» **Work instruction**: Set down all of the data that follows word for word, without the images.

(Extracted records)
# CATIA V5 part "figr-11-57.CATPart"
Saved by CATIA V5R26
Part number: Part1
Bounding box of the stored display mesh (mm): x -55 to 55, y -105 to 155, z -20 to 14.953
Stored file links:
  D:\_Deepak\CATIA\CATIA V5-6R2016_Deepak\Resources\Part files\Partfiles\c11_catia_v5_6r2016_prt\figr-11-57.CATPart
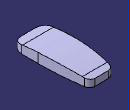
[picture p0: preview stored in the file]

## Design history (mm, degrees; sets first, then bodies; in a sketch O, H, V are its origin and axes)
Set1
  Extrude1: Element1 Sketch2, Lim1 50, Lim2 50, Direction yz-plane
  Sketch1 on xy-plane, origin (0, 0, 0), H (1, 0, 0), V (0, 1, 0)
    arc A1 centre (25, -75) radius 25 from (25, -100) to (50, -75) ccw
    line L1 (50, -75) -> (50, -15)
    point P4 (50, -15)
    arc A2 centre (-950, -15) radius 1000 from (50, -15) to (38.3367, 137.2843) ccw
    line L2 (23.5117, 150) -> (-23.5117, 150)
    line L3 (25, -100) -> (-25, -100)
    arc A3 centre (-25, -75) radius 25 from (-25, -100) to (-50, -75) cw
    line L4 (-50, -75) -> (-50, -15)
    point P9 (-50, -15)
    arc A4 centre (950, -15) radius 1000 from (-50, -15) to (-38.3367, 137.2843) cw
    reference projected line E1 (-50, -100) -> (50, -100) from edge of Extrude1
    axis line L5 (0, 170.4214) -> (0, -120.6595)
    point P11 (0, 170.4214)
    reference projected line E2 (50, -70) -> (50, 129.9971) from edge of Extrude1
    reference projected line E3 (-50, 129.9971) -> (-50, -70) from edge of Extrude1
    reference projected line E4 (-50, -100) -> (50, -100) from edge of Extrude1
    reference projected line E5 (50, 150) -> (-50, 150) from edge of Extrude1
    arc A5 centre (-23.5117, 135) radius 15 from (-38.3367, 137.2843) to (-23.5117, 150) cw
    arc A6 centre (23.5117, 135) radius 15 from (38.3367, 137.2843) to (23.5117, 150) ccw
    distance E4 P4 = 85
    radius A2 = 1000
    radius A5 = 15
    radius A6 = 15
    radius A1 = 25
    radius A3 = 25
    radius A4 = 1000
    tangency: L1 A1, A2 L1, L3 A1, A3 L3, A4 L4, L5 A3, A5 L2, A5 A4, A6 A2, A6 L2, A3 L4
    horizontal: L2 H
    coincidence: L3 E1, P11 V, L1 E2, L4 E3, L2 E5
    symmetry: P4 P9 L5
  Extrude2: Element1 Sketch1, Lim1 50, Lim2 20, Direction xy-plane
  Split1: ToCut Extrude2, Cutting Extrude1
  Split2: ToCut Extrude1, Cutting Split1
  Join1: Elements (Split2; Split1)
Body1 (main body)
  Sketch2 on yz-plane, origin (0, 0, 0), H (0, 1, 0), V (0, 0, 1)
    point P1 (-100, 0)
    line L1 (-100, 0) -> (-70, 3.8724)
    point P2 (-70, 3.8724)
    arc A1 centre (26.0141, -739.9564) radius 750 from (-70, 3.8724) to (129.9971, 2.8003) cw
    point P4 (129.9971, 2.8003)
    line L2 (129.9971, 2.8003) -> (150, 0)
    point P5 (150, 0)
    distance P1 P5 = 250
    distance P1 O = 100
    radius A1 = 750
    distance P2 P4 = 200
    distance P2 V = 70
    coincidence: P1 H, P5 H
    tangency: A1 L1, L2 A1
  ThickSurface1: BotOffset 0, Surface Join1, TopOffset 5

» **Task solution**:
# CATIA V5 part "figr-11-57.CATPart"
Saved by CATIA V5R26
Part number: Part1
Bounding box of the stored display mesh (mm): x -55 to 55, y -105 to 155, z -20 to 14.953
Stored file links:
  D:\_Deepak\CATIA\CATIA V5-6R2016_Deepak\Resources\Part files\Partfiles\c11_catia_v5_6r2016_prt\figr-11-57.CATPart
[picture p0: preview stored in the file]

## Design history (mm, degrees; sets first, then bodies; in a sketch O, H, V are its origin and axes)
Set1
  Extrude1: Element1 Sketch2, Lim1 50, Lim2 50, Direction yz-plane
  Sketch1 on xy-plane, origin (0, 0, 0), H (1, 0, 0), V (0, 1, 0)
    arc A1 centre (25, -75) radius 25 from (25, -100) to (50, -75) ccw
    line L1 (50, -75) -> (50, -15)
    point P4 (50, -15)
    arc A2 centre (-950, -15) radius 1000 from (50, -15) to (38.3367, 137.2843) ccw
    line L2 (23.5117, 150) -> (-23.5117, 150)
    line L3 (25, -100) -> (-25, -100)
    arc A3 centre (-25, -75) radius 25 from (-25, -100) to (-50, -75) cw
    line L4 (-50, -75) -> (-50, -15)
    point P9 (-50, -15)
    arc A4 centre (950, -15) radius 1000 from (-50, -15) to (-38.3367, 137.2843) cw
    reference projected line E1 (-50, -100) -> (50, -100) from edge of Extrude1
    axis line L5 (0, 170.4214) -> (0, -120.6595)
    point P11 (0, 170.4214)
    reference projected line E2 (50, -70) -> (50, 129.9971) from edge of Extrude1
    reference projected line E3 (-50, 129.9971) -> (-50, -70) from edge of Extrude1
    reference projected line E4 (-50, -100) -> (50, -100) from edge of Extrude1
    reference projected line E5 (50, 150) -> (-50, 150) from edge of Extrude1
    arc A5 centre (-23.5117, 135) radius 15 from (-38.3367, 137.2843) to (-23.5117, 150) cw
    arc A6 centre (23.5117, 135) radius 15 from (38.3367, 137.2843) to (23.5117, 150) ccw
    distance E4 P4 = 85
    radius A2 = 1000
    radius A5 = 15
    radius A6 = 15
    radius A1 = 25
    radius A3 = 25
    radius A4 = 1000
    tangency: L1 A1, A2 L1, L3 A1, A3 L3, A4 L4, L5 A3, A5 L2, A5 A4, A6 A2, A6 L2, A3 L4
    horizontal: L2 H
    coincidence: L3 E1, P11 V, L1 E2, L4 E3, L2 E5
    symmetry: P4 P9 L5
  Extrude2: Element1 Sketch1, Lim1 50, Lim2 20, Direction xy-plane
  Split1: ToCut Extrude2, Cutting Extrude1
  Split2: ToCut Extrude1, Cutting Split1
  Join1: Elements (Split2; Split1)
Body1 (main body)
  Sketch2 on yz-plane, origin (0, 0, 0), H (0, 1, 0), V (0, 0, 1)
    point P1 (-100, 0)
    line L1 (-100, 0) -> (-70, 3.8724)
    point P2 (-70, 3.8724)
    arc A1 centre (26.0141, -739.9564) radius 750 from (-70, 3.8724) to (129.9971, 2.8003) cw
    point P4 (129.9971, 2.8003)
    line L2 (129.9971, 2.8003) -> (150, 0)
    point P5 (150, 0)
    distance P1 P5 = 250
    distance P1 O = 100
    radius A1 = 750
    distance P2 P4 = 200
    distance P2 V = 70
    coincidence: P1 H, P5 H
    tangency: A1 L1, L2 A1
  ThickSurface1: BotOffset 0, Surface Join1, TopOffset 5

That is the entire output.